* _Task description_:
Could you reproduce, word for word, everything below from the line containing "#46 = CARTESIAN_POINT('',(14.92,23.827,-7.15));" down to the line containing "#127 = AXIS2_PLACEMENT_3D('',#128,#129,#130);", with both of those lines included and no others?

* _Data for analysis_:
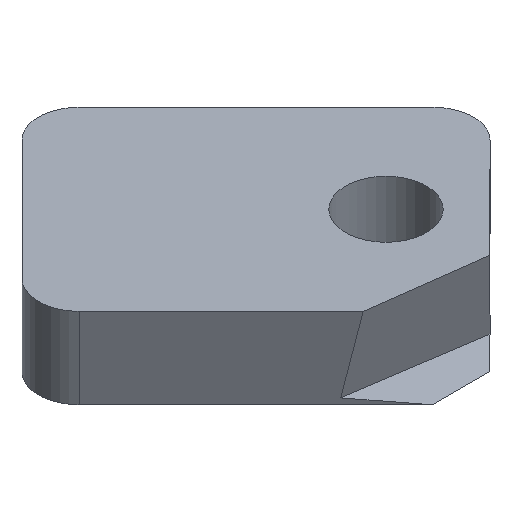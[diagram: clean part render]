
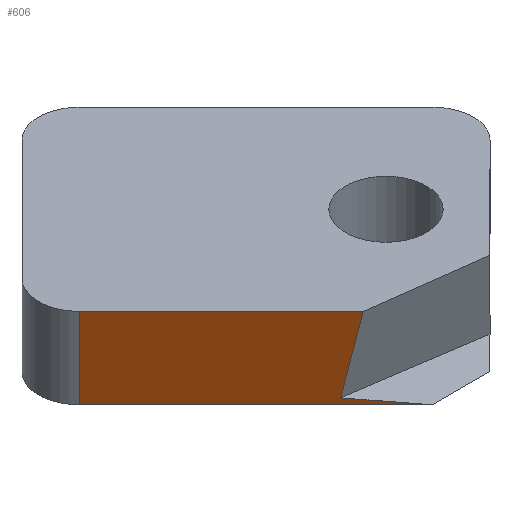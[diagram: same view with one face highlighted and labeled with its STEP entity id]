
A CAD part, isometric view. The second image highlights one B-rep face of the part: STEP entity #606.
In plain terms, the highlighted planar face has unit normal (-0.707, -0.707, 0).
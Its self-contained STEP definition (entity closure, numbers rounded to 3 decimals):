
#44 = CYLINDRICAL_SURFACE('',#45,1.1);
#45 = AXIS2_PLACEMENT_3D('',#46,#47,#48);
#46 = CARTESIAN_POINT('',(14.92,23.827,-7.15));
#47 = DIRECTION('',(0.,0.,-1.));
#48 = DIRECTION('',(0.707,-0.707,0.));
#72 = PLANE('',#73);
#73 = AXIS2_PLACEMENT_3D('',#74,#75,#76);
#74 = CARTESIAN_POINT('',(18.95,23.05,-4.95));
#75 = DIRECTION('',(0.,0.,1.));
#76 = DIRECTION('',(0.707,-0.707,0.));
#126 = PLANE('',#127);
#127 = AXIS2_PLACEMENT_3D('',#128,#129,#130);
#128 = CARTESIAN_POINT('',(18.95,23.05,-7.15));
#129 = DIRECTION('',(0.,0.,1.));
#130 = DIRECTION('',(0.707,-0.707,0.));
#143 = VERTEX_POINT('',#144);
#144 = CARTESIAN_POINT('',(14.142,23.05,-4.95));
#166 = EDGE_CURVE('',#167,#143,#169,.T.);
#167 = VERTEX_POINT('',#168);
#168 = CARTESIAN_POINT('',(14.142,23.05,-7.15));
#169 = SURFACE_CURVE('',#170,(#174,#181),.PCURVE_S1.);
#170 = LINE('',#171,#172);
#171 = CARTESIAN_POINT('',(14.142,23.05,-7.15));
#172 = VECTOR('',#173,1.);
#173 = DIRECTION('',(0.,0.,1.));
#174 = PCURVE('',#44,#175);
#175 = DEFINITIONAL_REPRESENTATION('',(#176),#180);
#176 = LINE('',#177,#178);
#177 = CARTESIAN_POINT('',(-4.712,0.));
#178 = VECTOR('',#179,1.);
#179 = DIRECTION('',(-0.,-1.));
#180 = ( GEOMETRIC_REPRESENTATION_CONTEXT(2) 
PARAMETRIC_REPRESENTATION_CONTEXT() REPRESENTATION_CONTEXT('2D SPACE',''
  ) );
#181 = PCURVE('',#182,#187);
#182 = PLANE('',#183);
#183 = AXIS2_PLACEMENT_3D('',#184,#185,#186);
#184 = CARTESIAN_POINT('',(14.142,23.05,-7.15));
#185 = DIRECTION('',(0.707,0.707,0.));
#186 = DIRECTION('',(0.707,-0.707,0.));
#187 = DEFINITIONAL_REPRESENTATION('',(#188),#192);
#188 = LINE('',#189,#190);
#189 = CARTESIAN_POINT('',(0.,0.));
#190 = VECTOR('',#191,1.);
#191 = DIRECTION('',(0.,-1.));
#192 = ( GEOMETRIC_REPRESENTATION_CONTEXT(2) 
PARAMETRIC_REPRESENTATION_CONTEXT() REPRESENTATION_CONTEXT('2D SPACE',''
  ) );
#299 = EDGE_CURVE('',#167,#300,#302,.T.);
#300 = VERTEX_POINT('',#301);
#301 = CARTESIAN_POINT('',(18.947,18.245,-7.15));
#302 = SURFACE_CURVE('',#303,(#307,#314),.PCURVE_S1.);
#303 = LINE('',#304,#305);
#304 = CARTESIAN_POINT('',(16.546,20.645,-7.15));
#305 = VECTOR('',#306,1.);
#306 = DIRECTION('',(0.707,-0.707,0.));
#307 = PCURVE('',#126,#308);
#308 = DEFINITIONAL_REPRESENTATION('',(#309),#313);
#309 = LINE('',#310,#311);
#310 = CARTESIAN_POINT('',(0.,-3.4));
#311 = VECTOR('',#312,1.);
#312 = DIRECTION('',(1.,0.));
#313 = ( GEOMETRIC_REPRESENTATION_CONTEXT(2) 
PARAMETRIC_REPRESENTATION_CONTEXT() REPRESENTATION_CONTEXT('2D SPACE',''
  ) );
#314 = PCURVE('',#182,#315);
#315 = DEFINITIONAL_REPRESENTATION('',(#316),#320);
#316 = LINE('',#317,#318);
#317 = CARTESIAN_POINT('',(3.4,0.));
#318 = VECTOR('',#319,1.);
#319 = DIRECTION('',(1.,0.));
#320 = ( GEOMETRIC_REPRESENTATION_CONTEXT(2) 
PARAMETRIC_REPRESENTATION_CONTEXT() REPRESENTATION_CONTEXT('2D SPACE',''
  ) );
#337 = PLANE('',#338);
#338 = AXIS2_PLACEMENT_3D('',#339,#340,#341);
#339 = CARTESIAN_POINT('',(-35.612,-54.366,
    -16.58));
#340 = DIRECTION('',(0.,-0.129,0.992));
#341 = DIRECTION('',(0.991,-0.129,-0.017)
  );
#463 = EDGE_CURVE('',#143,#464,#466,.T.);
#464 = VERTEX_POINT('',#465);
#465 = CARTESIAN_POINT('',(18.004,19.187,-4.95));
#466 = SURFACE_CURVE('',#467,(#471,#478),.PCURVE_S1.);
#467 = LINE('',#468,#469);
#468 = CARTESIAN_POINT('',(16.546,20.645,-4.95));
#469 = VECTOR('',#470,1.);
#470 = DIRECTION('',(0.707,-0.707,0.));
#471 = PCURVE('',#72,#472);
#472 = DEFINITIONAL_REPRESENTATION('',(#473),#477);
#473 = LINE('',#474,#475);
#474 = CARTESIAN_POINT('',(0.,-3.4));
#475 = VECTOR('',#476,1.);
#476 = DIRECTION('',(1.,0.));
#477 = ( GEOMETRIC_REPRESENTATION_CONTEXT(2) 
PARAMETRIC_REPRESENTATION_CONTEXT() REPRESENTATION_CONTEXT('2D SPACE',''
  ) );
#478 = PCURVE('',#182,#479);
#479 = DEFINITIONAL_REPRESENTATION('',(#480),#484);
#480 = LINE('',#481,#482);
#481 = CARTESIAN_POINT('',(3.4,-2.2));
#482 = VECTOR('',#483,1.);
#483 = DIRECTION('',(1.,0.));
#484 = ( GEOMETRIC_REPRESENTATION_CONTEXT(2) 
PARAMETRIC_REPRESENTATION_CONTEXT() REPRESENTATION_CONTEXT('2D SPACE',''
  ) );
#501 = PLANE('',#502);
#502 = AXIS2_PLACEMENT_3D('',#503,#504,#505);
#503 = CARTESIAN_POINT('',(-25.065,25.076,
    -6.263));
#504 = DIRECTION('',(0.131,0.983,0.128));
#505 = DIRECTION('',(0.,-0.129,0.992)
  );
#606 = ADVANCED_FACE('',(#607),#182,.F.);
#607 = FACE_BOUND('',#608,.F.);
#608 = EDGE_LOOP('',(#609,#610,#611,#612,#633));
#609 = ORIENTED_EDGE('',*,*,#299,.F.);
#610 = ORIENTED_EDGE('',*,*,#166,.T.);
#611 = ORIENTED_EDGE('',*,*,#463,.T.);
#612 = ORIENTED_EDGE('',*,*,#613,.F.);
#613 = EDGE_CURVE('',#614,#464,#616,.T.);
#614 = VERTEX_POINT('',#615);
#615 = CARTESIAN_POINT('',(17.699,19.493,
    -6.988));
#616 = SURFACE_CURVE('',#617,(#621,#627),.PCURVE_S1.);
#617 = LINE('',#618,#619);
#618 = CARTESIAN_POINT('',(17.144,20.048,
    -10.693));
#619 = VECTOR('',#620,1.);
#620 = DIRECTION('',(0.147,-0.147,0.978));
#621 = PCURVE('',#182,#622);
#622 = DEFINITIONAL_REPRESENTATION('',(#623),#626);
#623 = B_SPLINE_CURVE_WITH_KNOTS('',1,(#624,#625),.UNSPECIFIED.,.F.,.F.,
  (2,2),(3.787,5.87),.PIECEWISE_BEZIER_KNOTS.);
#624 = CARTESIAN_POINT('',(5.03,-0.162));
#625 = CARTESIAN_POINT('',(5.462,-2.2));
#626 = ( GEOMETRIC_REPRESENTATION_CONTEXT(2) 
PARAMETRIC_REPRESENTATION_CONTEXT() REPRESENTATION_CONTEXT('2D SPACE',''
  ) );
#627 = PCURVE('',#501,#628);
#628 = DEFINITIONAL_REPRESENTATION('',(#629),#632);
#629 = B_SPLINE_CURVE_WITH_KNOTS('',1,(#630,#631),.UNSPECIFIED.,.F.,.F.,
  (2,2),(3.787,5.87),.PIECEWISE_BEZIER_KNOTS.);
#630 = CARTESIAN_POINT('',(0.,43.133));
#631 = CARTESIAN_POINT('',(2.06,43.441));
#632 = ( GEOMETRIC_REPRESENTATION_CONTEXT(2) 
PARAMETRIC_REPRESENTATION_CONTEXT() REPRESENTATION_CONTEXT('2D SPACE',''
  ) );
#633 = ORIENTED_EDGE('',*,*,#634,.T.);
#634 = EDGE_CURVE('',#614,#300,#635,.T.);
#635 = SURFACE_CURVE('',#636,(#640,#646),.PCURVE_S1.);
#636 = LINE('',#637,#638);
#637 = CARTESIAN_POINT('',(21.343,15.848,
    -7.461));
#638 = VECTOR('',#639,1.);
#639 = DIRECTION('',(0.704,-0.704,-0.091)
  );
#640 = PCURVE('',#182,#641);
#641 = DEFINITIONAL_REPRESENTATION('',(#642),#645);
#642 = B_SPLINE_CURVE_WITH_KNOTS('',1,(#643,#644),.UNSPECIFIED.,.F.,.F.,
  (2,2),(-5.176,-3.403),.PIECEWISE_BEZIER_KNOTS.);
#643 = CARTESIAN_POINT('',(5.03,-0.162));
#644 = CARTESIAN_POINT('',(6.795,0.));
#645 = ( GEOMETRIC_REPRESENTATION_CONTEXT(2) 
PARAMETRIC_REPRESENTATION_CONTEXT() REPRESENTATION_CONTEXT('2D SPACE',''
  ) );
#646 = PCURVE('',#337,#647);
#647 = DEFINITIONAL_REPRESENTATION('',(#648),#651);
#648 = B_SPLINE_CURVE_WITH_KNOTS('',1,(#649,#650),.UNSPECIFIED.,.F.,.F.,
  (2,2),(-5.176,-3.403),.PIECEWISE_BEZIER_KNOTS.);
#649 = CARTESIAN_POINT('',(43.133,80.8));
#650 = CARTESIAN_POINT('',(44.535,79.715));
#651 = ( GEOMETRIC_REPRESENTATION_CONTEXT(2) 
PARAMETRIC_REPRESENTATION_CONTEXT() REPRESENTATION_CONTEXT('2D SPACE',''
  ) );

* _Response to the exercise_:
#46 = CARTESIAN_POINT('',(14.92,23.827,-7.15));
#47 = DIRECTION('',(0.,0.,-1.));
#48 = DIRECTION('',(0.707,-0.707,0.));
#72 = PLANE('',#73);
#73 = AXIS2_PLACEMENT_3D('',#74,#75,#76);
#74 = CARTESIAN_POINT('',(18.95,23.05,-4.95));
#75 = DIRECTION('',(0.,0.,1.));
#76 = DIRECTION('',(0.707,-0.707,0.));
#126 = PLANE('',#127);
#127 = AXIS2_PLACEMENT_3D('',#128,#129,#130);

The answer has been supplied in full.